[Material supplied — start]
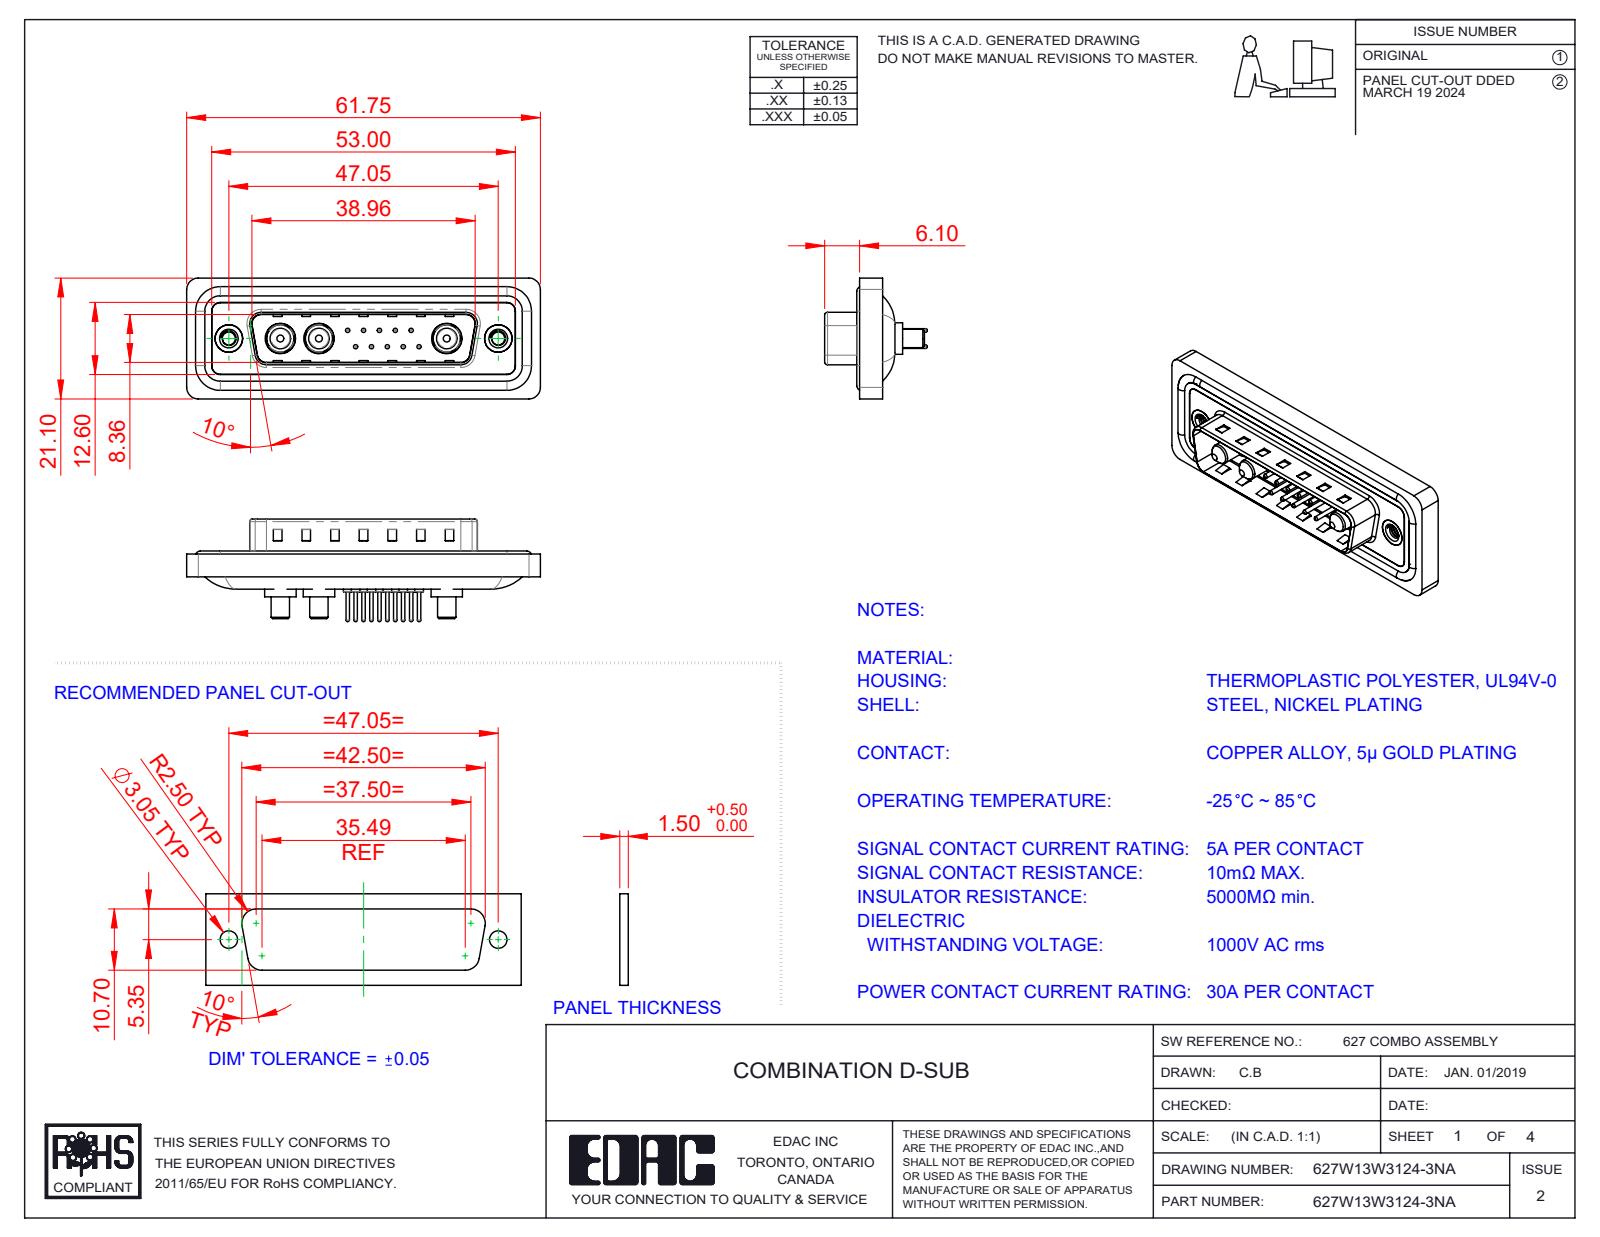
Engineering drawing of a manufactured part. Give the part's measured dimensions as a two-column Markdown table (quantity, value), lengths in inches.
| quantity | value |
| --- | --- |
| part name | 627Combo Contact Row 1_24; 627Combo Housing_13W3; 627Combo Shell Front_25 Contacts; 627Combo Shell Rear_25 Contacts (+5 more) |
| STEP written by | SolidWorks 2023 (CONFIG_CONTROL_DESIGN) |
| units | inches |
| bodies | 23 solids, 968 faces (309 planar, 387 cylindrical, 272 other) |
| overall size | 2.431 × 0.831 × 0.705 |
| volume | 0.449 in³ |
| surface area | 18.42 in² |
| round holes (diameter × count) | 0.03 × 10, 0.063 × 10, 0.079 × 10, 0.191 × 3, 0.209 × 3, 0.089 × 2, 0.157 × 2, 0.189 × 2, 0.197 × 2 |
| round bosses / shafts (diameter × count) | 0.059 × 10, 0.024 × 10, 0.063 × 4, 0.217 × 3, 0.205 × 3, 0.187 × 3, 0.148 × 3, 0.142 × 3 |
| partial cylindrical surfaces (radius × count) | 0.059 × 22, 0.079 × 18, 0.02 × 8, 0.063 × 8, 0.01 × 4, 0.024 × 4, 0.026 × 4, 0.035 × 4 |
| main face-to-face distances | 0.016, 0.059, 0.043, 0.063, 0.02, 0.122, 0.114, 0.032, 0.377, 0.161 |
| hole center spacings | 0.124, 0.109, 0.198, 0.218, 0.295, 0.198, 0.327, 0.398 |
[Material supplied — finish]
Exercise description:
Return the whole listing word for word, minus its pictures.

Output below:
Engineering drawing of a manufactured part. Give the part's measured dimensions as a two-column Markdown table (quantity, value), lengths in inches.
| quantity | value |
| --- | --- |
| part name | 627Combo Contact Row 1_24; 627Combo Housing_13W3; 627Combo Shell Front_25 Contacts; 627Combo Shell Rear_25 Contacts (+5 more) |
| STEP written by | SolidWorks 2023 (CONFIG_CONTROL_DESIGN) |
| units | inches |
| bodies | 23 solids, 968 faces (309 planar, 387 cylindrical, 272 other) |
| overall size | 2.431 × 0.831 × 0.705 |
| volume | 0.449 in³ |
| surface area | 18.42 in² |
| round holes (diameter × count) | 0.03 × 10, 0.063 × 10, 0.079 × 10, 0.191 × 3, 0.209 × 3, 0.089 × 2, 0.157 × 2, 0.189 × 2, 0.197 × 2 |
| round bosses / shafts (diameter × count) | 0.059 × 10, 0.024 × 10, 0.063 × 4, 0.217 × 3, 0.205 × 3, 0.187 × 3, 0.148 × 3, 0.142 × 3 |
| partial cylindrical surfaces (radius × count) | 0.059 × 22, 0.079 × 18, 0.02 × 8, 0.063 × 8, 0.01 × 4, 0.024 × 4, 0.026 × 4, 0.035 × 4 |
| main face-to-face distances | 0.016, 0.059, 0.043, 0.063, 0.02, 0.122, 0.114, 0.032, 0.377, 0.161 |
| hole center spacings | 0.124, 0.109, 0.198, 0.218, 0.295, 0.198, 0.327, 0.398 |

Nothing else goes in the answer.